Over the years, I have spent a fair amount of time re-washing dishes that my kids supposedly washed. (Because I am a Neanderthal, and mean, we do not have a dishwasher.) This can—and does—lead me to useful thoughts such as, “Boy, when my kids do the dishes, they don’t do a very good job.”

Most of the time, when I have such thoughts, my mind focuses on the last part, and I feel aggravated. The next meal together would then usually include me making such witty comments as, “The whole point of cleaning dishes is to get them clean,” followed by step-by-step instructions. I’m sure the kids were taking careful notes.

However, on the rare occasions that I am in “wise mind” mode, I remember that the first part of the sentence is pretty important, also: “When my kids do the dishes …”

From about our second week together until the day we dropped Daveon off at college, my kids had two dish nights per week. I took the other two, and on the seventh day we usually got a pizza, ate out, or otherwise slummed it. (Hey, it worked for God.) On your dish night, you set and cleared the table as well as washed the dishes and soaked the pots and pans. My kids did this for two nights a week each, for years, without ever complaining … once.

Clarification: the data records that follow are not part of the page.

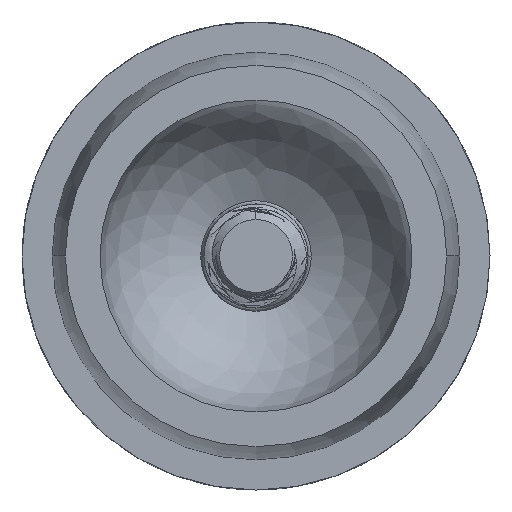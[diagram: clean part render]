
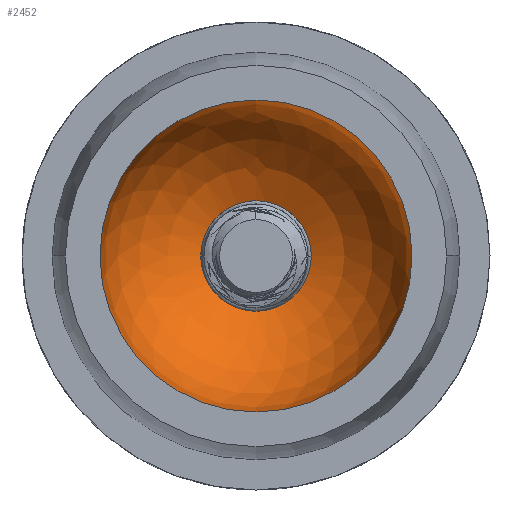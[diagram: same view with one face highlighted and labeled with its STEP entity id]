
A CAD part, left-side view. The second image highlights one B-rep face of the part: STEP entity #2452.
In plain terms, the highlighted spherical face has radius 9.525 mm.
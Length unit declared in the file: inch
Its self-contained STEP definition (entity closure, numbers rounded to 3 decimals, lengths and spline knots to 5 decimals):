
#52 = DIRECTION ( 'NONE',  ( 0., 0., -1. ) ) ;
#61 = AXIS2_PLACEMENT_3D ( 'NONE', #5486, #1793, #6084 ) ;
#211 = CARTESIAN_POINT ( 'NONE',  ( -0.27438, 0., 0. ) ) ;
#273 = ORIENTED_EDGE ( 'NONE', *, *, #7713, .T. ) ;
#340 = FACE_OUTER_BOUND ( 'NONE', #6195, .T. ) ;
#457 = CARTESIAN_POINT ( 'NONE',  ( -0.625, 0., 0. ) ) ;
#830 = DIRECTION ( 'NONE',  ( 0., 0., -1. ) ) ;
#838 = AXIS2_PLACEMENT_3D ( 'NONE', #457, #4741, #1078 ) ;
#882 = CIRCLE ( 'NONE', #6699, 0.133 ) ;
#1078 = DIRECTION ( 'NONE',  ( 0., -1., 0. ) ) ;
#1793 = DIRECTION ( 'NONE',  ( -1., 0., 0. ) ) ;
#1891 = ORIENTED_EDGE ( 'NONE', *, *, #4177, .T. ) ;
#2162 = DIRECTION ( 'NONE',  ( -1., 0., 0. ) ) ;
#2325 = CIRCLE ( 'NONE', #61, 0.375 ) ;
#2452 = ADVANCED_FACE ( 'NONE', ( #340, #3403 ), #5042, .F. ) ;
#2744 = VERTEX_POINT ( 'NONE', #7333 ) ;
#2804 = CARTESIAN_POINT ( 'NONE',  ( -0.625, 0., 0.375 ) ) ;
#3403 = FACE_BOUND ( 'NONE', #3822, .T. ) ;
#3449 = ORIENTED_EDGE ( 'NONE', *, *, #5776, .T. ) ;
#3465 = CARTESIAN_POINT ( 'NONE',  ( -0.27438, 0., 0.133 ) ) ;
#3723 = DIRECTION ( 'NONE',  ( 1., 0., 0. ) ) ;
#3822 = EDGE_LOOP ( 'NONE', ( #3449, #273 ) ) ;
#4177 = EDGE_CURVE ( 'NONE', #6134, #5359, #2325, .T. ) ;
#4497 = DIRECTION ( 'NONE',  ( 1., 0., 0. ) ) ;
#4741 = DIRECTION ( 'NONE',  ( -1., 0., 0. ) ) ;
#5042 = SPHERICAL_SURFACE ( 'NONE', #838, 0.375 ) ;
#5359 = VERTEX_POINT ( 'NONE', #2804 ) ;
#5405 = CARTESIAN_POINT ( 'NONE',  ( -0.625, 0., -0.375 ) ) ;
#5486 = CARTESIAN_POINT ( 'NONE',  ( -0.625, 0., 0. ) ) ;
#5730 = AXIS2_PLACEMENT_3D ( 'NONE', #211, #4497, #830 ) ;
#5776 = EDGE_CURVE ( 'NONE', #2744, #6716, #7371, .T. ) ;
#5829 = CARTESIAN_POINT ( 'NONE',  ( -0.625, 0., 0. ) ) ;
#5919 = EDGE_CURVE ( 'NONE', #5359, #6134, #7178, .T. ) ;
#6084 = DIRECTION ( 'NONE',  ( 0., 0., -1. ) ) ;
#6134 = VERTEX_POINT ( 'NONE', #5405 ) ;
#6136 = AXIS2_PLACEMENT_3D ( 'NONE', #5829, #2162, #6441 ) ;
#6195 = EDGE_LOOP ( 'NONE', ( #1891, #7604 ) ) ;
#6441 = DIRECTION ( 'NONE',  ( 0., 0., -1. ) ) ;
#6699 = AXIS2_PLACEMENT_3D ( 'NONE', #7367, #3723, #52 ) ;
#6716 = VERTEX_POINT ( 'NONE', #3465 ) ;
#7178 = CIRCLE ( 'NONE', #6136, 0.375 ) ;
#7333 = CARTESIAN_POINT ( 'NONE',  ( -0.27438, 0., -0.133 ) ) ;
#7367 = CARTESIAN_POINT ( 'NONE',  ( -0.27438, 0., 0. ) ) ;
#7371 = CIRCLE ( 'NONE', #5730, 0.133 ) ;
#7604 = ORIENTED_EDGE ( 'NONE', *, *, #5919, .T. ) ;
#7713 = EDGE_CURVE ( 'NONE', #6716, #2744, #882, .T. ) ;
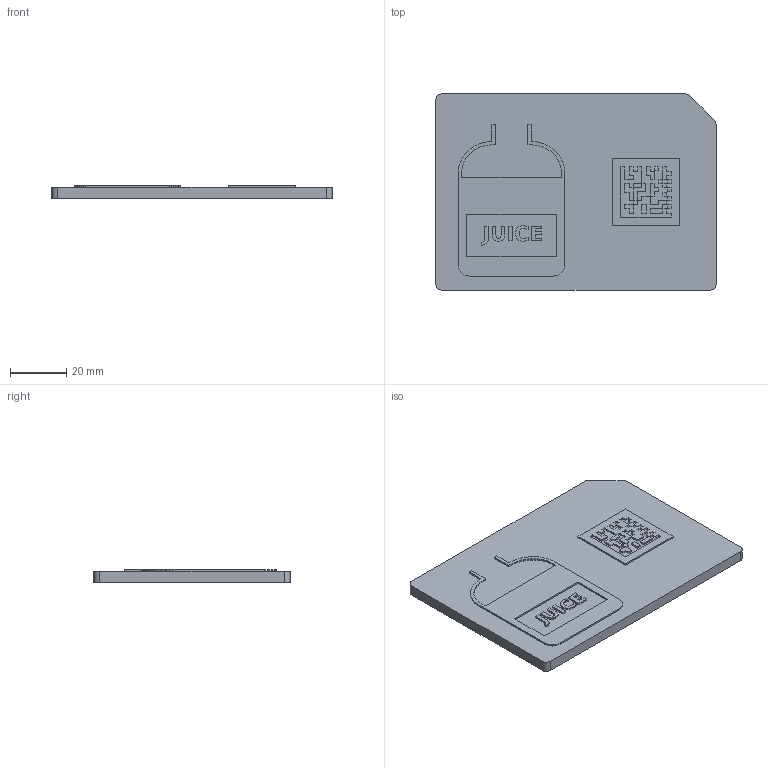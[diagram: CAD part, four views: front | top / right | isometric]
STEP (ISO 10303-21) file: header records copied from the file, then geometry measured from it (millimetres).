
FILE_DESCRIPTION(('Open CASCADE Model'),'2;1');
FILE_NAME('Open CASCADE Shape Model','2026-10-14T18:10:04',('Author'),( 'Open CASCADE'),'Open CASCADE STEP processor 7.9','Open CASCADE 7.9' ,'Unknown');
FILE_SCHEMA(('AUTOMOTIVE_DESIGN { 1 0 10303 214 1 1 1 1 }'));
Length unit declared in the file: millimetre
Products named in the file (3): SN-4832; SN-4832_base_dark; SN-4832_features_red
Assembly tree (2 placements, depth 2):
  SN-4832
    SN-4832_base_dark
    SN-4832_features_red
Bounding box: 100 x 70 x 4.6 mm (x, y, z)
Volume: 28609.1 mm3; surface area: 19716.2 mm2
Topology: 9 solids, 9 shells, 678 faces, 1914 edges, 1276 vertices
Faces by surface type: plane 673, cylinder 5
Entity records: 45881 total; most frequent: CARTESIAN_POINT 8339, DIRECTION 6484, LINE 5094, VECTOR 5094, ORIENTED_EDGE 3828, PCURVE 3828, DEFINITIONAL_REPRESENTATION 3828, EDGE_CURVE 1914
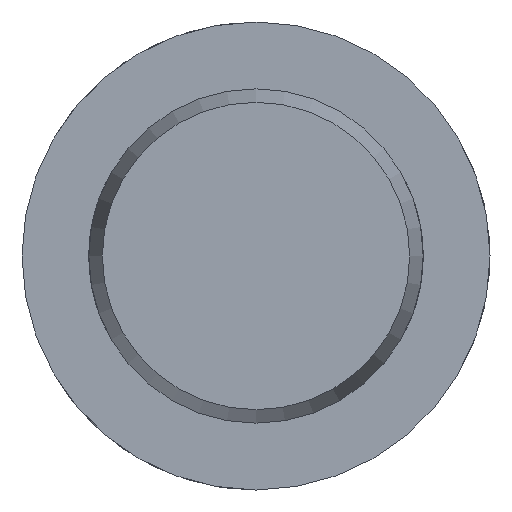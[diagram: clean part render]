
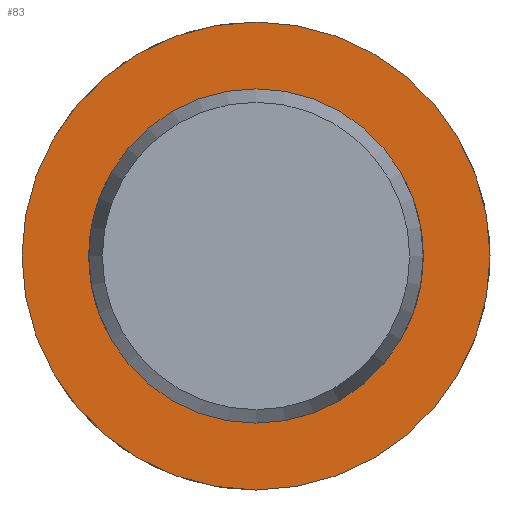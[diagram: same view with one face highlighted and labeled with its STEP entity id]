
A CAD part, left-side view. The second image highlights one B-rep face of the part: STEP entity #83.
In plain terms, the highlighted planar face has unit normal (-1, 0, 0).
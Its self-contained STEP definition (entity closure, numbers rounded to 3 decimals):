
#83 = ADVANCED_FACE( '', ( #128, #129 ), #130, .F. );
#128 = FACE_OUTER_BOUND( '', #204, .T. );
#129 = FACE_BOUND( '', #205, .T. );
#130 = PLANE( '', #206 );
#204 = EDGE_LOOP( '', ( #318 ) );
#205 = EDGE_LOOP( '', ( #319 ) );
#206 = AXIS2_PLACEMENT_3D( '', #320, #321, #322 );
#318 = ORIENTED_EDGE( '', *, *, #481, .F. );
#319 = ORIENTED_EDGE( '', *, *, #471, .T. );
#320 = CARTESIAN_POINT( '', ( 54.6, 5., 0. ) );
#321 = DIRECTION( '', ( 1., 0., 0. ) );
#322 = DIRECTION( '', ( 0., 0., -1. ) );
#471 = EDGE_CURVE( '', #541, #541, #542, .T. );
#481 = EDGE_CURVE( '', #559, #559, #560, .T. );
#541 = VERTEX_POINT( '', #726 );
#542 = CIRCLE( '', #727, 5. );
#559 = VERTEX_POINT( '', #881 );
#560 = CIRCLE( '', #882, 7. );
#726 = CARTESIAN_POINT( '', ( 54.6, 0., -5. ) );
#727 = AXIS2_PLACEMENT_3D( '', #943, #944, #945 );
#881 = CARTESIAN_POINT( '', ( 54.6, 0., -7. ) );
#882 = AXIS2_PLACEMENT_3D( '', #964, #965, #966 );
#943 = CARTESIAN_POINT( '', ( 54.6, 0., 0. ) );
#944 = DIRECTION( '', ( 1., 0., 0. ) );
#945 = DIRECTION( '', ( 0., 0., -1. ) );
#964 = CARTESIAN_POINT( '', ( 54.6, 0., 0. ) );
#965 = DIRECTION( '', ( 1., 0., 0. ) );
#966 = DIRECTION( '', ( 0., 0., -1. ) );

Other things they have consistently done/do:

  • Clean their rooms weekly.*
  • Do their own laundry.
  • Strip their beds, wash the sheets, and put it all back together. In fact, during his bedwetting years (roughly age 5-8), Mark would strip the soiled sheets, spray and wipe the mattress cover, and put new sheets on—all by himself. That’s kind of impressive, now that I think about it.
  • Feed the rabbits and clean their litter box and cage.**
  • Empty the trash, recycling, and compost bins on trash night, and spray and wipe them out.
  • Cook dinner for the family once a month each, from start to finish.***

* As the boys have gotten older, the definitions of both “clean” and “weekly” have become subject to increasingly loose interpretation.
** As of February, we are down to one rabbit. But you get the idea.
*** I buy the groceries. I’m not
that mean.

All of which leads to the big lesson learned: It’s easy to lose perspective—to think in terms of, “Hey, when you did your 17 chores this week, you left a sock on the floor!”

Not that I am speaking from experience.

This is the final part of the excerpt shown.